Additional Work Related Experience:

Opening new operations, I have opened and been the executive chef for 3 operations

I have managed as many as 20 sous chefs, 200 cooks, and 100 stewards

Responsible for 10 restaurants and 12 kitchens

Hands on approach to developing staff and new talent.

Purchasing and Procurement

Chef Gilbert’s passion for food began at the young age of 15 in the San Francisco Bay area making candy and ice cream. He has worked his culinary arts across the U.S. and the Caribbean including these well know companies, Marriott, Sheraton, Wyndham, Hilton, Ameristar & Isle of Capri Casino’s and Norwegian Cruise Lines. As a seasoned culinarian, he is committed to providing the ultimate food & beverage experience to guests, turning the ordinary into extraordinary. Chef Gilbert is currently employed as Executive Chef at the First service Residential, In Maitland Florida. Prior to that he was the opening team Executive Chef at Latitudes Margaretville in Daytona Beach, Chef Gilbert was Executive Chef for the Governors Club in Tallahassee Fl. and the National Republican Club of Capitol Hill Washington D.C.

He is passionate for future chefs to learn through training, methodology, and hands on experience, so they too can learn the art of a Chef from the basics to the intricate and exquisite. In addition, Chef Gilbert believes in giving todays chefs the tools for success including financial and management skills to run an efficient kitchen operation.

Chef Gilbert’s career spans four decades having been fortunate to work for Chef Alec Kline, Chef Juergan Eidmann, Chef Walter Miel, Chef Manuel Enfantules, and Chef Rio Sato. Each chef providing a wealth of culinary and professional knowledge. Chef Gilbert was able to develop his own style and learned to become a diverse chef rather than specializing in one cuisine.

Chef Gilbert is proud of his role at a casino grand opening, hiring twenty sous chefs and 200 employees receiving a 5-diamond rating property during his tenure.
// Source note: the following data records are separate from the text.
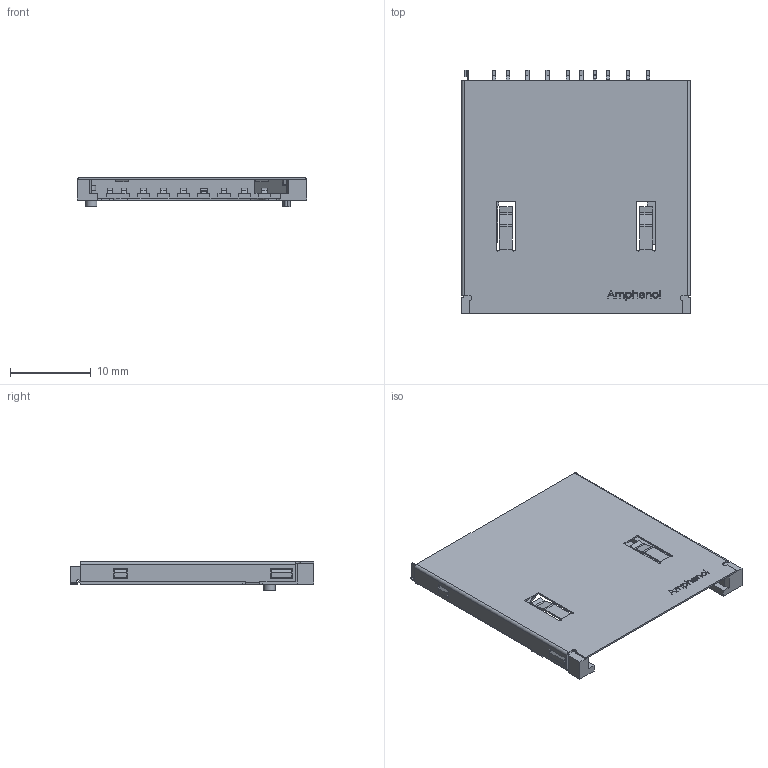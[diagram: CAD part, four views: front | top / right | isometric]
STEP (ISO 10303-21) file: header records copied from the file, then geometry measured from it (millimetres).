
FILE_DESCRIPTION(/* description */ (''),/* implementation_level */ '2;1');
FILE_NAME(/* name */ 'J:\KH_3D_lib\Amphenol\10067847-001RLF\10067847-001RLF_1.stp',/* time_stamp */ '2020-05-07T13:18:06+02:00',/* author */ ('Lord_voldmort'),/* organization */ ('FCI'),/* preprocessor_version */ 'ST-DEVELOPER v17.2',/* originating_system */ 'Autodesk Inventor 2019',/* authorisation */ '');
FILE_SCHEMA (('AUTOMOTIVE_DESIGN { 1 0 10303 214 3 1 1 }'));
Length unit declared in the file: millimetre
Products named in the file (8): 10067847-001RLF; ASM0002_ASM; ASM0003_ASM; PRT0003; PRT0005; contacts; Leads; Amphenol logo
Assembly tree (7 placements, depth 4):
  10067847-001RLF
    ASM0002_ASM
      ASM0003_ASM
        PRT0003
      PRT0005
    contacts
    Leads
    Amphenol logo
Bounding box: 28.45 x 30.25 x 3.6 mm (x, y, z)
Volume: 737.6 mm3; surface area: 3438.3 mm2
Topology: 30 solids, 30 shells, 634 faces, 1653 edges, 1085 vertices
Faces by surface type: plane 479, cylinder 105, bspline 50
Full cylindrical faces by diameter (mm): 1.4 x1
Entity records: 23123 total; most frequent: CARTESIAN_POINT 7329, ORIENTED_EDGE 3306, DIRECTION 2967, EDGE_CURVE 1653, LINE 1337, VECTOR 1337, VERTEX_POINT 1085, AXIS2_PLACEMENT_3D 815

Chef Gilbert has continued to enjoy teaching his craft to eager students and seeing these future chefs succeed and grow beyond their own expectations. Chef Gilbert receives much delight when pleasing his guests with fine food.

I began cooking at an early age with my mother and watching cooking shows with Julia Childs, The French Chef, Graham Kerr, The Galloping Gourmet, Martin Yen, Yen can Cook and The Great Chef Series. These early influences helped shape and inspired my thoughts about cooking and the enjoyment received from trying new recipes and eating well prepared, Delicious food. This helped me enhanced my passionate about doing events with the thought of making a difference in people’s lives.

I currently reside in Daytona Beach, Florida with his wife and two Coton pups. I have raised five adult children and remains close to family.